Удивительно, что в этом отношении переносили очень честные люди. Я знаю, что отец мой с первых дней довольно живо возражал одной особе, которая в нашем салоне отстаивала со всей резкостью чистую доктрину легитимизма. Однако приходилось принимать эту теорию, хотя в более политической форме. Само слово «легитимизм» утвердилось особенно, кажется, благодаря Талейрану[6], а отсюда развернулась неизбежная вереница последствий».
Со стороны моего отца это было не только историческое воззрение; с этих пор он начал, как ни был молод, думать самостоятельно и направлять, или по крайней мере освещать, взгляды своих родителей.
В этом коротком рассказе я не коснулся одной характерной и трогательной черты той, жизнь которой я описываю. Она была удивительной матерью, заботливой и нежной. Ее сын Шарль, родившийся 14 марта 1797 года, по-видимому, с самых первых дней подавал надежды (которые и оправдал) и внушал ей свои собственные вкусы, по мере того как становился старше и умнее. У нее был второй сын – Альберт, родившийся пять лет спустя и умерший в 1830 году, развитие и способности которого вскоре остановились. Он до конца оставался ребенком. Она относилась к нему с жалостью и постоянной заботливостью, которым приходится удивляться, даже у матери. Но истинная страсть была направлена на старшего, и нельзя представить себе, чтобы сыновняя или материнская привязанность была бы основана на большей аналогии между свойствами ума и способностью чувствовать.
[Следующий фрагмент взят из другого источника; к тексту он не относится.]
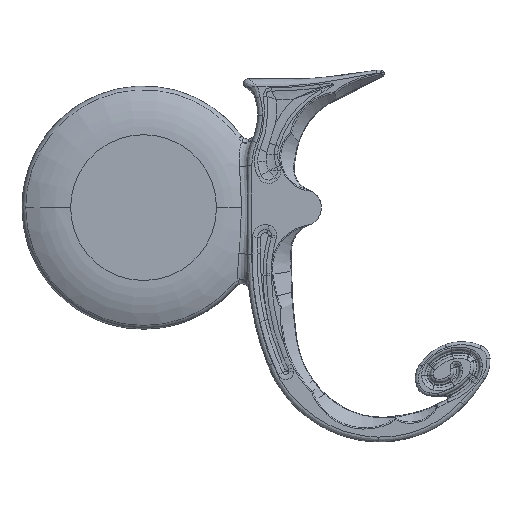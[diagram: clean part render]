
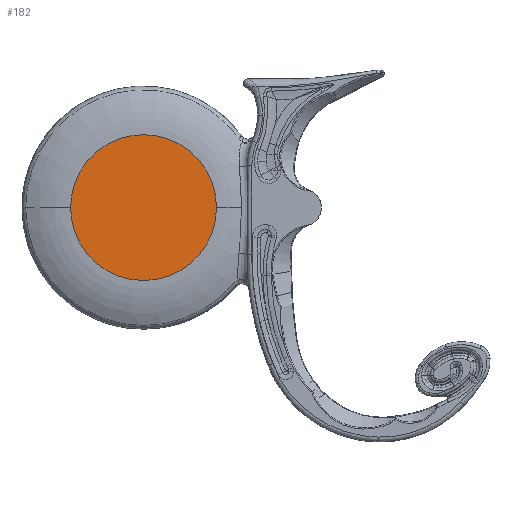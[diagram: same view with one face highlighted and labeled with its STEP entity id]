
A CAD part, top view. The second image highlights one B-rep face of the part: STEP entity #182.
In plain terms, the highlighted planar face has unit normal (0, 0, 1).
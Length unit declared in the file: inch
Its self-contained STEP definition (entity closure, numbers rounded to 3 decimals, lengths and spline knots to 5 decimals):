
#182 = ADVANCED_FACE ( 'NONE', ( #4848 ), #14325, .F. ) ;
#808 = CARTESIAN_POINT ( 'NONE',  ( -3.75, 0., 1.4375 ) ) ;
#2822 = CARTESIAN_POINT ( 'NONE',  ( 3.75, 0., 1.4375 ) ) ;
#2939 = VERTEX_POINT ( 'NONE', #808 ) ;
#3049 = DIRECTION ( 'NONE',  ( 0., 0., -1. ) ) ;
#3517 = EDGE_CURVE ( 'NONE', #4035, #2939, #14469, .T. ) ;
#4035 = VERTEX_POINT ( 'NONE', #2822 ) ;
#4078 = EDGE_LOOP ( 'NONE', ( #10027, #6010 ) ) ;
#4287 = DIRECTION ( 'NONE',  ( -1., 0., 0. ) ) ;
#4615 = CIRCLE ( 'NONE', #10658, 3.75 ) ;
#4848 = FACE_OUTER_BOUND ( 'NONE', #4078, .T. ) ;
#5321 = DIRECTION ( 'NONE',  ( -1., 0., 0. ) ) ;
#6010 = ORIENTED_EDGE ( 'NONE', *, *, #3517, .F. ) ;
#6607 = CARTESIAN_POINT ( 'NONE',  ( 0., 0., 1.4375 ) ) ;
#7286 = CARTESIAN_POINT ( 'NONE',  ( 0., 0., 1.4375 ) ) ;
#8459 = DIRECTION ( 'NONE',  ( -1., 0., 0. ) ) ;
#9715 = AXIS2_PLACEMENT_3D ( 'NONE', #7286, #12837, #8459 ) ;
#10027 = ORIENTED_EDGE ( 'NONE', *, *, #14093, .F. ) ;
#10658 = AXIS2_PLACEMENT_3D ( 'NONE', #6607, #12249, #4287 ) ;
#10905 = CARTESIAN_POINT ( 'NONE',  ( 0., 0., 1.4375 ) ) ;
#12249 = DIRECTION ( 'NONE',  ( 0., 0., -1. ) ) ;
#12837 = DIRECTION ( 'NONE',  ( 0., 0., -1. ) ) ;
#12947 = AXIS2_PLACEMENT_3D ( 'NONE', #10905, #3049, #5321 ) ;
#14093 = EDGE_CURVE ( 'NONE', #2939, #4035, #4615, .T. ) ;
#14325 = PLANE ( 'NONE',  #12947 ) ;
#14469 = CIRCLE ( 'NONE', #9715, 3.75 ) ;
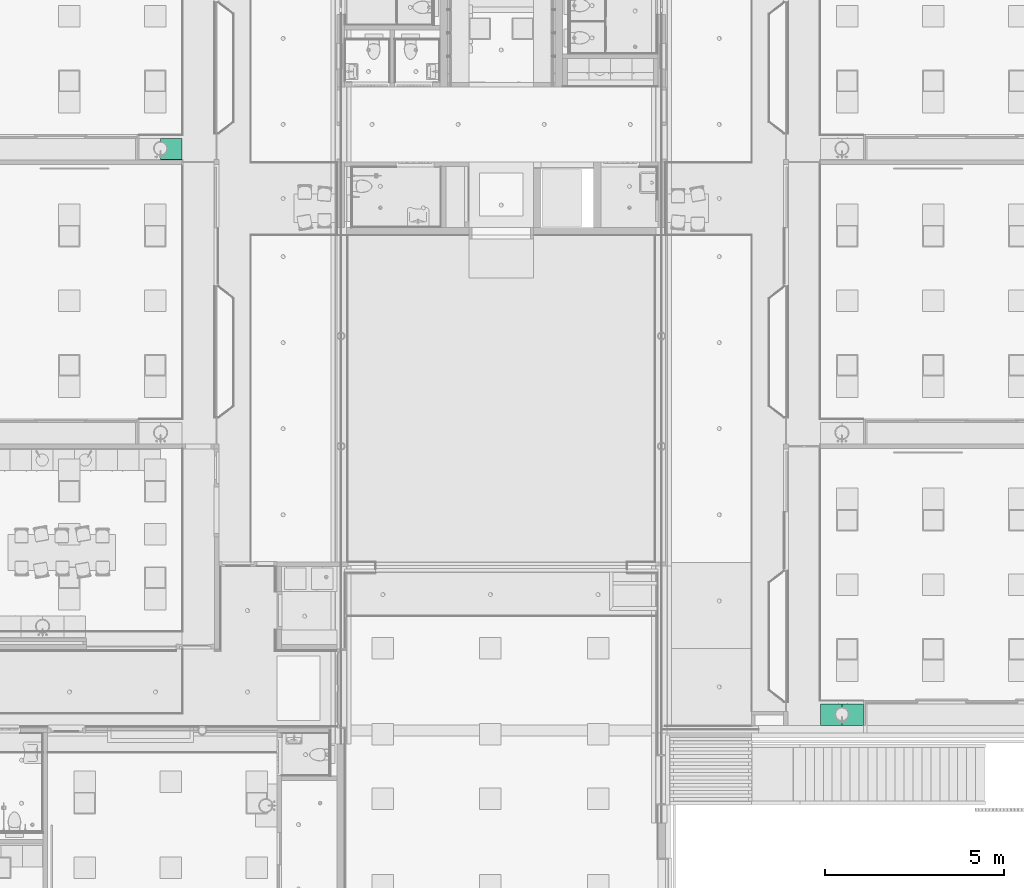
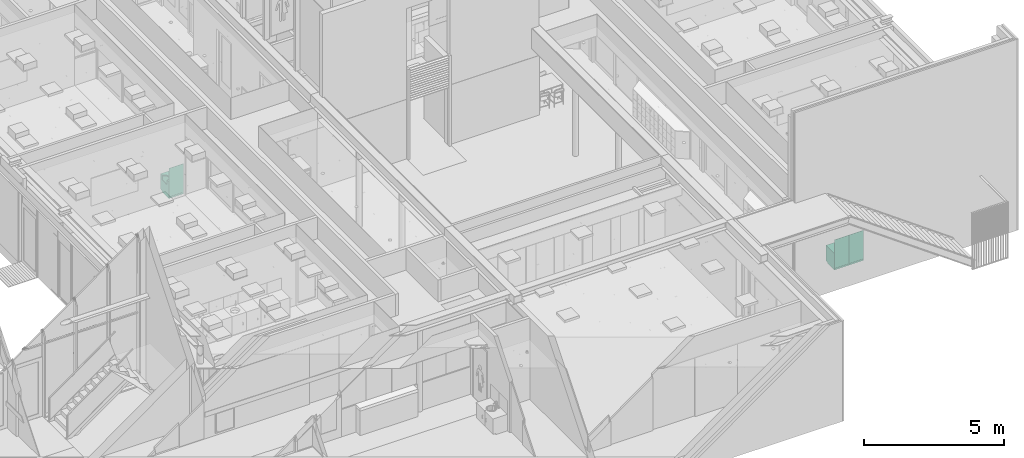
# One storey, part 305 of 347: 3 distribution elements.
"""IFC2X3 building model written with IfcOpenShell, lengths in millimetres."""

from ifc_helpers import new_model, entity, si_unit, converted_unit, derived_unit, money_unit, direction, frame, origin_with_axes, place, context, subcontext, project, spatial, faceted_brep, type_object, element, save


model = new_model("IFC2X3")

# Units and contexts
model_context = context("Model", 3, precision=0.01, world=origin_with_axes(), true_north=direction((0.0, 1.0)))
plan_context = context("Plan", 3, precision=0.01, world=origin_with_axes(), true_north=direction((0.0, 1.0)))
body_context = subcontext(model_context, "Body", "Model", "MODEL_VIEW")
ifc_project = project(units=[si_unit("LENGTHUNIT", "METRE", prefix="MILLI"), si_unit("AREAUNIT", "SQUARE_METRE"), si_unit("VOLUMEUNIT", "CUBIC_METRE"), converted_unit("PLANEANGLEUNIT", "DEGREE", entity("IfcPlaneAngleMeasure", 0.0174532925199), si_unit("PLANEANGLEUNIT", "RADIAN"), dimensions=[0, 0, 0, 0, 0, 0, 0]), money_unit("EUR"), converted_unit("TIMEUNIT", "Year", entity("IfcTimeMeasure", 31556926.0), si_unit("TIMEUNIT", "SECOND"), dimensions=[0, 0, 1, 0, 0, 0, 0]), si_unit("MASSUNIT", "GRAM", prefix="KILO"), si_unit("THERMODYNAMICTEMPERATUREUNIT", "DEGREE_CELSIUS"), si_unit("LUMINOUSINTENSITYUNIT", "LUMEN"), si_unit("ENERGYUNIT", "JOULE", prefix="MEGA"), derived_unit("THERMALCONDUCTANCEUNIT", [(si_unit("POWERUNIT", "WATT"), 1), (si_unit("LENGTHUNIT", "METRE"), -1), (si_unit("THERMODYNAMICTEMPERATUREUNIT", "KELVIN"), -1)]), derived_unit("SPECIFICHEATCAPACITYUNIT", [(si_unit("ENERGYUNIT", "JOULE"), 1), (si_unit("MASSUNIT", "GRAM", prefix="KILO"), -1), (si_unit("THERMODYNAMICTEMPERATUREUNIT", "KELVIN"), -1)]), derived_unit("MASSDENSITYUNIT", [(si_unit("MASSUNIT", "GRAM", prefix="KILO"), 1), (si_unit("VOLUMEUNIT", "CUBIC_METRE"), -1)])], contexts=[model_context, plan_context])

# Site, building, storey
site_placement = place(None, origin_with_axes())
site = spatial("IfcSite", under=ifc_project, at=site_placement, Name="Site", CompositionType="ELEMENT")
building_placement = place(site_placement, origin_with_axes())
building = spatial("IfcBuilding", under=site, at=building_placement, Name="Naam gebouw", CompositionType="ELEMENT")
storey_placement = place(building_placement, origin_with_axes())
storey = spatial("IfcBuildingStorey", under=building, at=storey_placement, Name="begane grond", CompositionType="ELEMENT", Elevation=0.0)

# Distribution elements
distribution_element_type = type_object("IfcDistributionElementType", Name="Onderkast recht 25")
distribution_element_1_placement = place(storey_placement, frame((30575.0, 28037.5, 0.0), z_axis=(0.0, 0.0, 1.0), x_axis=(-1.0, 0.0, 0.0)))
element("IfcDistributionElement", 1, at=distribution_element_1_placement, inside=storey, type_object=distribution_element_type, Name="65 Beveiliging_82 pantryblok", context=body_context, shape_type="Brep", body=[
    faceted_brep([(-127.279220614, -444.012913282, 720.0), (-166.298315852, -385.616710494, 720.0), (-180.0, -316.733692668, 720.0), (-166.298315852, -247.850674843, 720.0), (-127.279220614, -189.454472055, 720.0), (-68.8830178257, -150.435376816, 720.0), (0.0, -136.733692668, 720.0), (0.0, 0.0, 720.0), (-600.0, 0.0, 720.0), (-600.0, -600.0, 720.0), (0.0, -600.0, 720.0), (0.0, -496.733692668, 720.0), (-68.8830178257, -483.03200852, 720.0), (-127.279220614, -444.012913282, 680.0), (-166.298315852, -385.616710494, 680.0), (-180.0, -316.733692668, 680.0), (-166.298315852, -247.850674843, 680.0), (-127.279220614, -189.454472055, 680.0), (-68.8830178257, -150.435376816, 680.0), (0.0, -136.733692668, 680.0), (0.0, 0.0, 680.0), (-600.0, 0.0, 680.0), (-600.0, -600.0, 680.0), (0.0, -600.0, 680.0), (0.0, -496.733692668, 680.0), (-68.8830178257, -483.03200852, 680.0)], [[[0, 1, 2, 3, 4, 5, 6, 7, 8, 9, 10, 11, 12]], [[1, 0, 13, 14]], [[2, 1, 14, 15]], [[3, 2, 15, 16]], [[4, 3, 16, 17]], [[5, 4, 17, 18]], [[6, 5, 18, 19]], [[6, 19, 20, 7]], [[20, 21, 8, 7]], [[21, 22, 9, 8]], [[22, 23, 10, 9]], [[24, 11, 10, 23]], [[12, 11, 24, 25]], [[0, 12, 25, 13]], [[25, 24, 23, 22, 21, 20, 19, 18, 17, 16, 15, 14, 13]]]),
    faceted_brep([(-18.0, -512.0, 662.0), (-18.0, -572.0, 662.0), (-582.0, -572.0, 662.0), (-582.0, -512.0, 662.0), (-18.0, -572.0, 680.0), (-18.0, -512.0, 680.0), (-582.0, -572.0, 680.0), (-582.0, -512.0, 680.0)], [[[0, 1, 2, 3]], [[4, 1, 0, 5]], [[1, 4, 6, 2]], [[3, 2, 6, 7]], [[5, 0, 3, 7]], [[4, 5, 7, 6]]]),
    faceted_brep([(-18.0, -9.0, 68.0), (-582.0, -9.0, 68.0), (-582.0, -9.0, 662.0), (-18.0, -9.0, 662.0), (-582.0, -18.0, 68.0), (-18.0, -18.0, 68.0), (-582.0, -18.0, 662.0), (-18.0, -18.0, 662.0)], [[[0, 1, 2, 3]], [[4, 1, 0, 5]], [[1, 4, 6, 2]], [[3, 2, 6, 7]], [[5, 0, 3, 7]], [[4, 5, 7, 6]]]),
    faceted_brep([(-582.0, -60.0, 662.0), (-582.0, 0.0, 662.0), (-18.0, 0.0, 662.0), (-18.0, -60.0, 662.0), (-582.0, 0.0, 680.0), (-582.0, -60.0, 680.0), (-18.0, 0.0, 680.0), (-18.0, -60.0, 680.0)], [[[0, 1, 2, 3]], [[4, 1, 0, 5]], [[1, 4, 6, 2]], [[3, 2, 6, 7]], [[5, 0, 3, 7]], [[4, 5, 7, 6]]]),
    faceted_brep([(-14.8492424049, -201.884450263, 520.0), (-18.0, -205.990597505, 520.0), (-18.0, -205.990597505, 500.0), (-14.8492424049, -201.884450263, 500.0), (-18.0, -140.314115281, 520.0), (-10.5, -198.547159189, 520.0), (-5.43519994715, -196.449250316, 520.0), (0.0, -195.733692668, 520.0), (0.0, -136.733692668, 520.0), (-18.0, -493.153270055, 520.0), (-18.0, -227.476787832, 520.0), (-18.0, -227.476787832, 500.0), (-18.0, -140.314115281, 680.0), (-18.0, 0.0, 680.0), (-18.0, 0.0, 50.0), (-18.0, -572.0, 50.0), (-18.0, -572.0, 680.0), (-18.0, -493.153270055, 680.0), (-14.8492424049, -231.582935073, 500.0), (-10.5, -234.920226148, 500.0), (-5.43519994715, -237.01813502, 500.0), (0.0, -237.733692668, 500.0), (0.0, -195.733692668, 500.0), (-5.43519994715, -196.449250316, 500.0), (-10.5, -198.547159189, 500.0), (0.0, -496.733692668, 520.0), (0.0, -496.733692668, 680.0), (0.0, -572.0, 680.0), (0.0, -572.0, 50.0), (0.0, 0.0, 50.0), (0.0, 0.0, 680.0), (0.0, -136.733692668, 680.0), (0.0, -237.733692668, 520.0), (-5.43519994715, -237.01813502, 520.0), (-10.5, -234.920226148, 520.0), (-14.8492424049, -231.582935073, 520.0)], [[[0, 1, 2, 3]], [[4, 1, 0, 5, 6, 7, 8]], [[9, 10, 11, 2, 1, 4, 12, 13, 14, 15, 16, 17]], [[2, 11, 18, 19, 20, 21, 22, 23, 24, 3]], [[5, 0, 3, 24]], [[6, 5, 24, 23]], [[7, 6, 23, 22]], [[25, 26, 27, 28, 29, 30, 31, 8, 7, 22, 21, 32]], [[31, 12, 4, 8]], [[10, 9, 25, 32, 33, 34, 35]], [[10, 35, 18, 11]], [[12, 31, 30, 13]], [[29, 14, 13, 30]], [[14, 29, 28, 15]], [[15, 28, 27, 16]], [[26, 17, 16, 27]], [[9, 17, 26, 25]], [[35, 34, 19, 18]], [[34, 33, 20, 19]], [[33, 32, 21, 20]]]),
    faceted_brep([(-600.0, 0.0, 50.0), (-600.0, -572.0, 50.0), (-600.0, -572.0, 680.0), (-600.0, 0.0, 680.0), (-582.0, -572.0, 50.0), (-582.0, 0.0, 50.0), (-582.0, -572.0, 680.0), (-582.0, 0.0, 680.0)], [[[0, 1, 2, 3]], [[4, 1, 0, 5]], [[1, 4, 6, 2]], [[3, 2, 6, 7]], [[5, 0, 3, 7]], [[4, 5, 7, 6]]]),
    faceted_brep([(-600.0, 0.0, 720.0), (0.0, 0.0, 720.0), (0.0, -6.0, 720.0), (-600.0, -6.0, 720.0), (-600.0, 0.0, 1320.0), (0.0, 0.0, 1320.0), (0.0, -6.0, 1320.0), (-600.0, -6.0, 1320.0)], [[[0, 1, 2, 3]], [[4, 5, 1, 0]], [[1, 5, 6, 2]], [[3, 2, 6, 7]], [[0, 3, 7, 4]], [[7, 6, 5, 4]]]),
    faceted_brep([(-146.0, -590.0, 291.0), (-156.0, -590.0, 291.0), (-156.0, -590.0, 301.0), (-146.0, -590.0, 301.0), (-146.0, -600.0, 291.0), (-156.0, -600.0, 291.0), (-156.0, -603.472963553, 291.30384494), (-156.0, -606.840402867, 292.206147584), (-156.0, -610.0, 293.679491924), (-156.0, -612.855752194, 295.679111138), (-156.0, -615.320888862, 298.144247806), (-156.0, -617.320508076, 301.0), (-156.0, -618.793852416, 304.159597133), (-156.0, -619.69615506, 307.527036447), (-156.0, -620.0, 311.0), (-156.0, -620.0, 421.0), (-156.0, -619.69615506, 424.472963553), (-156.0, -618.793852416, 427.840402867), (-156.0, -617.320508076, 431.0), (-156.0, -615.320888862, 433.855752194), (-156.0, -612.855752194, 436.320888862), (-156.0, -610.0, 438.320508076), (-156.0, -606.840402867, 439.793852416), (-156.0, -603.472963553, 440.69615506), (-156.0, -600.0, 441.0), (-156.0, -590.0, 441.0), (-156.0, -590.0, 431.0), (-156.0, -600.0, 431.0), (-156.0, -601.736481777, 430.84807753), (-156.0, -603.420201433, 430.396926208), (-156.0, -605.0, 429.660254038), (-156.0, -606.427876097, 428.660444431), (-156.0, -607.660444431, 427.427876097), (-156.0, -608.660254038, 426.0), (-156.0, -609.396926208, 424.420201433), (-156.0, -609.84807753, 422.736481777), (-156.0, -610.0, 421.0), (-156.0, -610.0, 311.0), (-156.0, -609.84807753, 309.263518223), (-156.0, -609.396926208, 307.579798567), (-156.0, -608.660254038, 306.0), (-156.0, -607.660444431, 304.572123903), (-156.0, -606.427876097, 303.339555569), (-156.0, -605.0, 302.339745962), (-156.0, -603.420201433, 301.603073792), (-156.0, -601.736481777, 301.15192247), (-156.0, -600.0, 301.0), (-146.0, -600.0, 301.0), (-146.0, -601.736481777, 301.15192247), (-146.0, -603.420201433, 301.603073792), (-146.0, -605.0, 302.339745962), (-146.0, -606.427876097, 303.339555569), (-146.0, -607.660444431, 304.572123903), (-146.0, -608.660254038, 306.0), (-146.0, -609.396926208, 307.579798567), (-146.0, -609.84807753, 309.263518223), (-146.0, -610.0, 311.0), (-146.0, -610.0, 421.0), (-146.0, -609.84807753, 422.736481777), (-146.0, -609.396926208, 424.420201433), (-146.0, -608.660254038, 426.0), (-146.0, -607.660444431, 427.427876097), (-146.0, -606.427876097, 428.660444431), (-146.0, -605.0, 429.660254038), (-146.0, -603.420201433, 430.396926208), (-146.0, -601.736481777, 430.84807753), (-146.0, -600.0, 431.0), (-146.0, -590.0, 431.0), (-146.0, -590.0, 441.0), (-146.0, -600.0, 441.0), (-146.0, -603.472963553, 440.69615506), (-146.0, -606.840402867, 439.793852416), (-146.0, -610.0, 438.320508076), (-146.0, -612.855752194, 436.320888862), (-146.0, -615.320888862, 433.855752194), (-146.0, -617.320508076, 431.0), (-146.0, -618.793852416, 427.840402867), (-146.0, -619.69615506, 424.472963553), (-146.0, -620.0, 421.0), (-146.0, -620.0, 311.0), (-146.0, -619.69615506, 307.527036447), (-146.0, -618.793852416, 304.159597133), (-146.0, -617.320508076, 301.0), (-146.0, -615.320888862, 298.144247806), (-146.0, -612.855752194, 295.679111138), (-146.0, -610.0, 293.679491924), (-146.0, -606.840402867, 292.206147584), (-146.0, -603.472963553, 291.30384494)], [[[0, 1, 2, 3]], [[4, 5, 1, 0]], [[1, 5, 6, 7, 8, 9, 10, 11, 12, 13, 14, 15, 16, 17, 18, 19, 20, 21, 22, 23, 24, 25, 26, 27, 28, 29, 30, 31, 32, 33, 34, 35, 36, 37, 38, 39, 40, 41, 42, 43, 44, 45, 46, 2]], [[3, 2, 46, 47]], [[0, 3, 47, 48, 49, 50, 51, 52, 53, 54, 55, 56, 57, 58, 59, 60, 61, 62, 63, 64, 65, 66, 67, 68, 69, 70, 71, 72, 73, 74, 75, 76, 77, 78, 79, 80, 81, 82, 83, 84, 85, 86, 87, 4]], [[87, 6, 5, 4]], [[86, 7, 6, 87]], [[85, 8, 7, 86]], [[84, 9, 8, 85]], [[83, 10, 9, 84]], [[82, 11, 10, 83]], [[81, 12, 11, 82]], [[80, 13, 12, 81]], [[79, 14, 13, 80]], [[78, 15, 14, 79]], [[77, 16, 15, 78]], [[76, 17, 16, 77]], [[75, 18, 17, 76]], [[74, 19, 18, 75]], [[73, 20, 19, 74]], [[72, 21, 20, 73]], [[71, 22, 21, 72]], [[70, 23, 22, 71]], [[69, 24, 23, 70]], [[68, 25, 24, 69]], [[67, 26, 25, 68]], [[66, 27, 26, 67]], [[65, 28, 27, 66]], [[64, 29, 28, 65]], [[63, 30, 29, 64]], [[62, 31, 30, 63]], [[61, 32, 31, 62]], [[60, 33, 32, 61]], [[59, 34, 33, 60]], [[58, 35, 34, 59]], [[57, 36, 35, 58]], [[56, 37, 36, 57]], [[55, 38, 37, 56]], [[54, 39, 38, 55]], [[53, 40, 39, 54]], [[52, 41, 40, 53]], [[51, 42, 41, 52]], [[50, 43, 42, 51]], [[49, 44, 43, 50]], [[48, 45, 44, 49]], [[47, 46, 45, 48]]]),
    faceted_brep([(-1.0, -572.0, 51.0), (-1.0, -590.0, 51.0), (-599.0, -590.0, 51.0), (-599.0, -572.0, 51.0), (-1.0, -572.0, 679.0), (-1.0, -590.0, 679.0), (-599.0, -590.0, 679.0), (-599.0, -572.0, 679.0)], [[[0, 1, 2, 3]], [[4, 5, 1, 0]], [[1, 5, 6, 2]], [[3, 2, 6, 7]], [[0, 3, 7, 4]], [[7, 6, 5, 4]]]),
    faceted_brep([(-18.0, -572.0, 50.0), (-18.0, -572.0, 68.0), (-582.0, -572.0, 68.0), (-582.0, -572.0, 50.0), (-18.0, 0.0, 50.0), (-18.0, 0.0, 68.0), (-582.0, 0.0, 68.0), (-582.0, 0.0, 50.0)], [[[0, 1, 2, 3]], [[4, 5, 1, 0]], [[1, 5, 6, 2]], [[3, 2, 6, 7]], [[0, 3, 7, 4]], [[7, 6, 5, 4]]]),
    faceted_brep([(0.0, -482.0, 0.0), (0.0, -482.0, 50.0), (-600.0, -482.0, 50.0), (-600.0, -482.0, 0.0), (0.0, 0.0, 0.0), (0.0, 0.0, 50.0), (-600.0, 0.0, 50.0), (-600.0, 0.0, 0.0)], [[[0, 1, 2, 3]], [[4, 5, 1, 0]], [[1, 5, 6, 2]], [[3, 2, 6, 7]], [[0, 3, 7, 4]], [[7, 6, 5, 4]]]),
])
distribution_element_2_placement = place(storey_placement, frame((48974.9999807, 12260.0000751, 0.0), z_axis=(0.0, 0.0, 1.0), x_axis=(-1.0, 0.0, 0.0)))
element("IfcDistributionElement", 2, at=distribution_element_2_placement, inside=storey, type_object=distribution_element_type, Name="65 Beveiliging_82 pantryblok", context=body_context, shape_type="Brep", body=[
    faceted_brep([(-472.720779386, -444.012913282, 720.0), (-531.116982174, -483.03200852, 720.0), (-600.0, -496.733692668, 720.0), (-600.0, -600.0, 720.0), (0.0, -600.0, 720.0), (0.0, 0.0, 720.0), (-600.0, 0.0, 720.0), (-600.0, -136.733692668, 720.0), (-531.116982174, -150.435376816, 720.0), (-472.720779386, -189.454472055, 720.0), (-433.701684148, -247.850674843, 720.0), (-420.0, -316.733692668, 720.0), (-433.701684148, -385.616710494, 720.0), (-472.720779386, -444.012913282, 680.0), (-531.116982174, -483.03200852, 680.0), (-600.0, -496.733692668, 680.0), (-600.0, -600.0, 680.0), (0.0, -600.0, 680.0), (0.0, 0.0, 680.0), (-600.0, 0.0, 680.0), (-600.0, -136.733692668, 680.0), (-531.116982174, -150.435376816, 680.0), (-472.720779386, -189.454472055, 680.0), (-433.701684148, -247.850674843, 680.0), (-420.0, -316.733692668, 680.0), (-433.701684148, -385.616710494, 680.0)], [[[0, 1, 2, 3, 4, 5, 6, 7, 8, 9, 10, 11, 12]], [[1, 0, 13, 14]], [[2, 1, 14, 15]], [[2, 15, 16, 3]], [[16, 17, 4, 3]], [[17, 18, 5, 4]], [[18, 19, 6, 5]], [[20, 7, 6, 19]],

Ее письма полны выражения самой тонкой и самой разумной нежности.
Не лишним будет привести одно из писем, написанных ею сыну, которому было тогда шестнадцать лет.
Мне кажется, оно должно вызвать самое благоприятное отношение к ним обоим.
«Виши, 15 июля 1813 года.
Я страдала несколько дней от сильной болезни горла и очень скучала, дитя мое. Сегодня мне немного лучше, и мне хочется развлечься письмом к тебе. Ты бранишь меня за молчание и к тому же давно хвастаешься своими четырьмя письмами. Я не хочу больше оставаться в долгу перед тобой, и благодаря этому письму когда-нибудь и я смогу побранить тебя, если представится случай.
Дорогой друг мой, я шаг за шагом слежу за твоими занятиями и вижу, что ты очень занят в этом июле месяце, когда я веду такую монотонную жизнь. Я приблизительно знаю, что ты говоришь и делаешь по четвергам и воскресеньям.
Госпожа де Грасс рассказывает мне об этих беседах с тобой и очень меня этим развлекает. Например, она рассказала мне, что в прошлый раз ты говорил ей обо мне много хорошего и что, когда мы беседуем с тобой, ты порой склонен приписывать мне слишком много ума. Но, право, это опасение не должно тебя останавливать, так как у тебя, дитя мое, несомненно, не меньше ума, чем у меня. Я говорю это откровенно, потому что это преимущество обыкновенно нуждается в том, чтобы иметь опору во многом другом, и, говоря тебе это, я скорее тебя предостерегаю, чем хвалю. Если наш разговор с тобой бывает несколько серьезным, то припиши это моим обязанностям матери, которые я еще доканчиваю по отношению к тебе, и некоторым счастливым мыслям, которые я, как мне кажется, нахожу в своем уме и которые хотелось бы передать тебе. Когда мне покажется, что я дошла до момента прекращения всяких предупреждений, тогда мы будем лучше говорить друг с другом для собственного удовольствия, обмениваясь мыслями и замечаниями о тех и других, и все это откровенно, не боясь поссориться, в условиях самой полной, искренней и взаимной дружбы. Я представляю себе, что такая дружба прекрасно может существовать между матерью и сыном. Между нами нет той разницы лет, которая мешала бы мне понимать твою молодость и разделять некоторые из твоих впечатлений. Головы женщин долго остаются молодыми, а в голове матери всегда найдется уголок, имеющий как будто возраст ее ребенка.